ATLANTA—To think that you could buy tickets to see a Grammy Award-winning, bonafide rock ‘n roll star for just $25 is unheard in this era of lofty concert ticket prices.

But it’s true. The recent performance starring Raphael Saadiq at the quaint Variety Playhouse in Atlanta’s earthy neighborhood known as Virginia Highlands, was the anticipated performance we all expected.

While R. Kelly’s upcoming Augusta tour at the James Brown Arena will command 75 bucks per clip, and the June 3 bill featuring Brian McKnight and JOE in Atlanta had an asking price of $134 per ticket—it’s the way of the industry and a sign of the economic times. I could go on.


It’s a disturbing national trend.

But on this unseasonably warm Spring evening in the ATL, give credit to the former lead singer of Tone, Toni, Tony for keeping it real. While his solo music reflects music of a bygone era, ala Sixties and Seventies Soul, so did the asking price for his concert tickets.

Twenty-five dollars per seat!

And man did his fans respond accordingly to Raphael’s accommodating gesture. With petroleum prices hovering in the $4 range, it was obvious that fans realized that the artist was in a way “giving back” to his loyal followers.

And, what followed was certainly not a disappointment. In fact, it was everything expected and more. A phenomenal showing of what appeared to be a couple thousand folks squeezed into the quaint theater which was obviously constructed early in the 20th Century.

The room had a feel of what it must’ve been like at a Sly & The Family Stone concert from say ’69 or so.

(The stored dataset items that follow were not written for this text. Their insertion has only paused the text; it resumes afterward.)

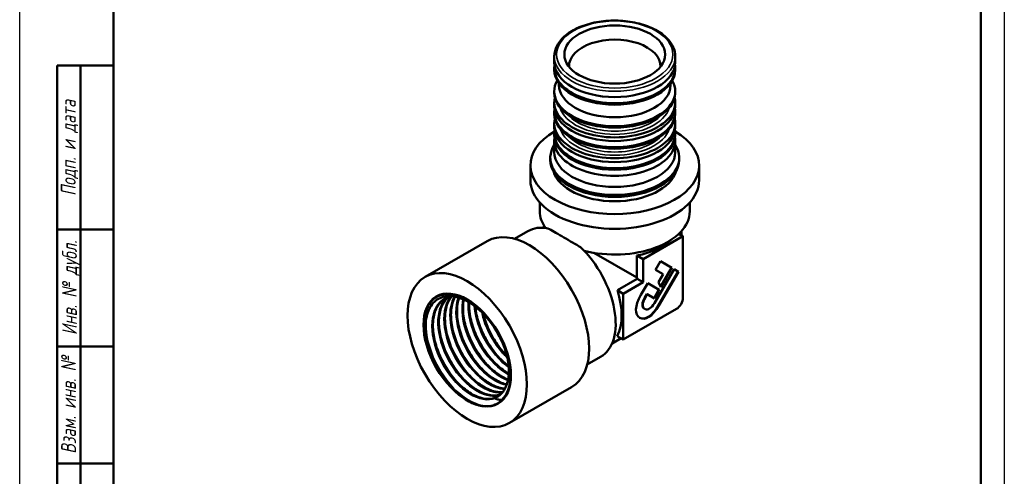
# Model space of a CAD drawing. Header units: millimetres. Extents: x -258 to 890, y -69 to 356.
# Tile 3 of 6: x 0 to 210, y 62 to 160. Entities that reach past the tile are written whole.
import ezdxf
from ezdxf.enums import TextEntityAlignment as Align

# ---------------------------------------------------------------- set-up
doc = ezdxf.new("R2010")
doc.units = ezdxf.units.MM
for name, color, linetype, lineweight in [('Видимые тонкие (ГОСТ)', 7, 'Continuous', 35), ('Видимый контур (ГОСТ)', 7, 'Continuous', 50), ('Кромка (ГОСТ)', 7, 'Continuous', 50), ('Обозначение (ГОСТ)', 7, 'Continuous', 25), ('Эскизная геометрия (ГОСТ)', 7, 'Continuous', 50)]:
    doc.layers.add(name, color=color, linetype=linetype, lineweight=lineweight)
doc.styles.get("Standard").update_dxf_attribs({"font": 'GOST Common Italic.ttf'})
doc.styles.add('Альтернативный текст (ГОСТ)', font='txt', dxfattribs={"width": 0.8})

# ---------------------------------------------------------------- blocks, each defined once
blk = doc.blocks.new('ГОСТ - Доп. графы 1')
at = {"layer": 'Эскизная геометрия (ГОСТ)'}
for p, q in [((-12, 0), (-12, 145)), ((-12, 145), (0, 145)), ((-7, 145), (-7, 0)), ((-12, 110), (-7, 110)), ((-7, 110), (0, 110)), ((-12, 85), (-7, 85)), ((-7, 85), (0, 85)), ((-12, 60), (-7, 60)), ((-7, 60), (0, 60)), ((-12, 25), (-7, 25)), ((-7, 25), (0, 25)), ((0, 0), (-12, 0))]:
    blk.add_line(p, q, dxfattribs=at)
at = {"layer": 'Обозначение (ГОСТ)', "char_height": 3.17, "attachment_point": 5, "rotation": 90, "style": 'Альтернативный текст (ГОСТ)'}
for s, insert, width in [('\\fGOST Common|b0|i1;\\H3.1700;Подп. и дата', (-9.37, 127.41), 34.7679), ('\\fGOST Common|b0|i1;\\H3.1700;Инв. № дубл.', (-8.95, 97.55), 24.8438), ('\\fGOST Common|b0|i1;\\H3.1700;Взам. инв. №', (-9.58, 72.53), 24.8669), ('\\fGOST Common|b0|i1;\\H3.1700;Подп. и дата', (-9.5, 42.47), 35.1486), ('\\fGOST Common|b0|i1;\\H3.1700;Инв. № подл.', (-9.5, 12.41), 24.9618)]:
    blk.add_mtext(s, dxfattribs=dict(at, insert=insert, width=width))
at = {"layer": 'Обозначение (ГОСТ)', "lineweight": 30, "width": 0.8, "flags": 17}
for tag, p in [('Подп._и_дата_2', (-3.53, 127.51)), ('Инв._номер_дубликата', (-3.41, 97.47)), ('Взамен_инв._номера', (-3.46, 72.53)), ('Подп._и_дата_1', (-3.42, 42.35)), ('ИНВЕНТАРНЫЙ_НОМЕР', (-3.33, 12.68))]:
    blk.add_attdef(tag, text='', height=3.17, rotation=90, dxfattribs=at).set_placement(p, align=Align.MIDDLE_CENTER)
blk = doc.blocks.new('Рамки ГОСТ_ граница 297x210')
at = {"layer": 'Кромка (ГОСТ)', "lineweight": 25}
for p, q in [((0, 0), (0, 297)), ((210, 297), (210, 0))]:
    blk.add_line(p, q, dxfattribs=at)
at = {"layer": 'Кромка (ГОСТ)'}
for p, q in [((20, 292), (20, 5)), ((205, 5), (205, 292))]:
    blk.add_line(p, q, dxfattribs=at)

msp = doc.modelspace()

# ---------------------------------------------------------------- linework, layer by layer
at = {"layer": 'Видимые тонкие (ГОСТ)'}
for p, q in [((133.402, 100.41), (133.331, 100.451)), ((136.319, 98.763), (136.248, 98.804))]:
    msp.add_line(p, q, dxfattribs=at)
msp.add_ellipse((126.918, 152.338), major_axis=(-12.4, 0), ratio=0.5773503, dxfattribs=at)
for centre, major_axis, start_param, end_param in [((126.918, 151.93), (12.9, 0), 3.1415927, 6.2831853), ((126.918, 142.1), (11.8, 0), 3.3106903, 6.1140877), ((126.918, 142.508), (-11.3, 0), 0.484993, 2.6565997), ((126.918, 137.642), (11.8, 0), 3.3183292, 6.1064488), ((126.918, 138.05), (-11.3, 0), 0.5013186, 2.640274)]:
    msp.add_ellipse(centre, major_axis=major_axis, ratio=0.5773503, start_param=start_param, end_param=end_param, dxfattribs=at)
for points, knots in [([(91.983, 100.74), (91.309, 100.62), (90.693, 100.365), (90.161, 99.974), (88.717, 98.917), (87.902, 96.876), (87.913, 94.374), (87.924, 91.968), (88.696, 89.159), (90.031, 86.616), (91.361, 84.085), (93.237, 81.84), (95.199, 80.412), (97.162, 78.984), (99.194, 78.385), (100.795, 78.752), (101.001, 78.799), (101.199, 78.862), (101.39, 78.939)], [69.6889468, 69.6889468, 69.6889468, 69.6889468, 69.965521, 69.965521, 69.965521, 70.7152713, 70.7152713, 70.7152713, 71.4362896, 71.4362896, 71.4362896, 72.1542256, 72.1542256, 72.1542256, 72.8724894, 72.8724894, 72.8724894, 72.9645224, 72.9645224, 72.9645224, 72.9645224]), ([(91.056, 100.384), (90.289, 99.668), (89.73, 98.651), (89.439, 97.407), (88.956, 95.34), (89.218, 92.665), (90.151, 90.019), (91.083, 87.376), (92.676, 84.785), (94.534, 82.863), (96.39, 80.942), (98.494, 79.705), (100.331, 79.441), (101.025, 79.341), (101.678, 79.381), (102.27, 79.55)], [63.7533105, 63.7533105, 63.7533105, 63.7533105, 64.1870841, 64.1870841, 64.1870841, 64.9078251, 64.9078251, 64.9078251, 65.6277059, 65.6277059, 65.6277059, 66.3468028, 66.3468028, 66.3468028, 66.6185227, 66.6185227, 66.6185227, 66.6185227]), ([(91.909, 100.673), (91.687, 100.405), (91.489, 100.106), (91.317, 99.779), (90.435, 98.099), (90.249, 95.667), (90.79, 93.061), (91.331, 90.455), (92.594, 87.698), (94.265, 85.443), (95.935, 83.189), (97.996, 81.456), (99.944, 80.653), (100.997, 80.219), (102.012, 80.059), (102.917, 80.166)], [57.5554411, 57.5554411, 57.5554411, 57.5554411, 57.6957551, 57.6957551, 57.6957551, 58.4151669, 58.4151669, 58.4151669, 59.1341997, 59.1341997, 59.1341997, 59.8528724, 59.8528724, 59.8528724, 60.2413179, 60.2413179, 60.2413179, 60.2413179]), ([(92.684, 100.663), (92.006, 99.446), (91.687, 97.826), (91.783, 96.002), (91.913, 93.528), (92.806, 90.702), (94.233, 88.202), (95.66, 85.704), (97.607, 83.554), (99.591, 82.265), (100.909, 81.409), (102.235, 80.938), (103.424, 80.879)], [51.3914919, 51.3914919, 51.3914919, 51.3914919, 51.9245139, 51.9245139, 51.9245139, 52.647651, 52.647651, 52.647651, 53.3702538, 53.3702538, 53.3702538, 53.8501974, 53.8501974, 53.8501974, 53.8501974]), ([(93.54, 100.463), (93.374, 100.007), (93.248, 99.512), (93.167, 98.984), (92.831, 96.808), (93.245, 94.085), (94.299, 91.461), (95.352, 88.838), (97.035, 86.335), (98.933, 84.547), (100.528, 83.044), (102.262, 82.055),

In purusing the auditorium, you could easily dub the flavor of the room as a diverse menu of neo Soul People.

Blacks, Whites and so many other folks of various multicultural backgrounds and genders were sprinkled and blended throughout the auditorium—all of ‘em grooving to the soulful, west coast sounds of the headliner and his funky five-piece backing unit, along with an energetic, vocally-gifted background duo.

Speaking of Sly Stone’s presence, it’s no coincidence that Raphael mirrors some of his Sly’s soul—considering that both are from the east bay greasy funkified settings known as “Oaktown” Oakland, Calif.

In addition, both have origins steeped in the Pentacostal Black church tradition where rhythm and soul is the backbeat of every Sunday morning service, something Raphael dubs “Gospeldelic.”

And, it was obvious that Raphael was impressed with the SRO (standing room only) crowd that poured into the Variety to witness this proven legend. On several occasions, he prompted the crowd with comments like “What’s happening Atlanta.” At age 45, Raphael is young enough and old enough to mimic past and present states of popular music—simultaneously with authenticity.

Because the show was held on a Wednesday night, it afforded other professional musicians a chance to witness the act.

Melanie Davis, lead singer of Melonies Felonies, said she was quite impressed with the performance, especially the backup band and singers. Maria Howell, another Atlanta vocalist and actress simply stated, “This man is so gifted.”

And both ladies were on the mark, too.

Raphael demonstrated his abilities not only as a tremendous vocalist with varying ranges, but also as an experienced musician. His rhythm and lead guitar work was equally commanding. So soulful. So funky. And later toward the end of the two-hour show, he grabbed the four-string Fender Jazz bass guitar and thumbed his way into the band’s groove.

Setlist-wise, the music started with a series of commercially unfamiliar tunes that were so groovy, they still demanded attention.

But as the night progressed he delved into compositions from a quintet of solo LPs he has rendered in recent years, since permanently leaving Tony Toni Tone.

From the latest album, Stone Rollin, Raphael offered a lively rendition of his latest hit song “Good Man.” Expectedly, the song has a 1960s flavor ala Curtis Mayfield or Isaac Hayes and the live performance reflected the earthy soul of its recorded studio production.

Other crowd-pleasers on this night were a medley which included “All I Ask of You,” “Anniversary” from the Tony days and of course his noted duo with his pal D’Angelo, “Be Here.”

But it was the driving, pulsating shuffles of “Love That Girl” and “100 Yard Dash” that brought the house down and spotlighted his animated background vocal-dancing duo. It’s now without wonder why Raphael was selected to perform onstage at this year’s 53rd annual Grammy Award telecast, along with the legendary Mick Jagger and the Rolling Stones.

Another little known fact is that early on, Raphael spent a few years in Sheila E’s backup band touring with none other than the legendary Prince.

Knowing that, it’s understandable why Raphael works so hard. His influences are impacting.

And, on this Atlanta night, like the Purple One, he stayed on stage for nearly two, nonstop hours.

No breaks. And then returned for not one, but two encores.

All for $25 in this new millenium concert era?

Simply unhearded of these days and times. Raphael Saadiq is still truly a Son of Soul, keeping bygone days alive and appealing for a new generation of Soul People.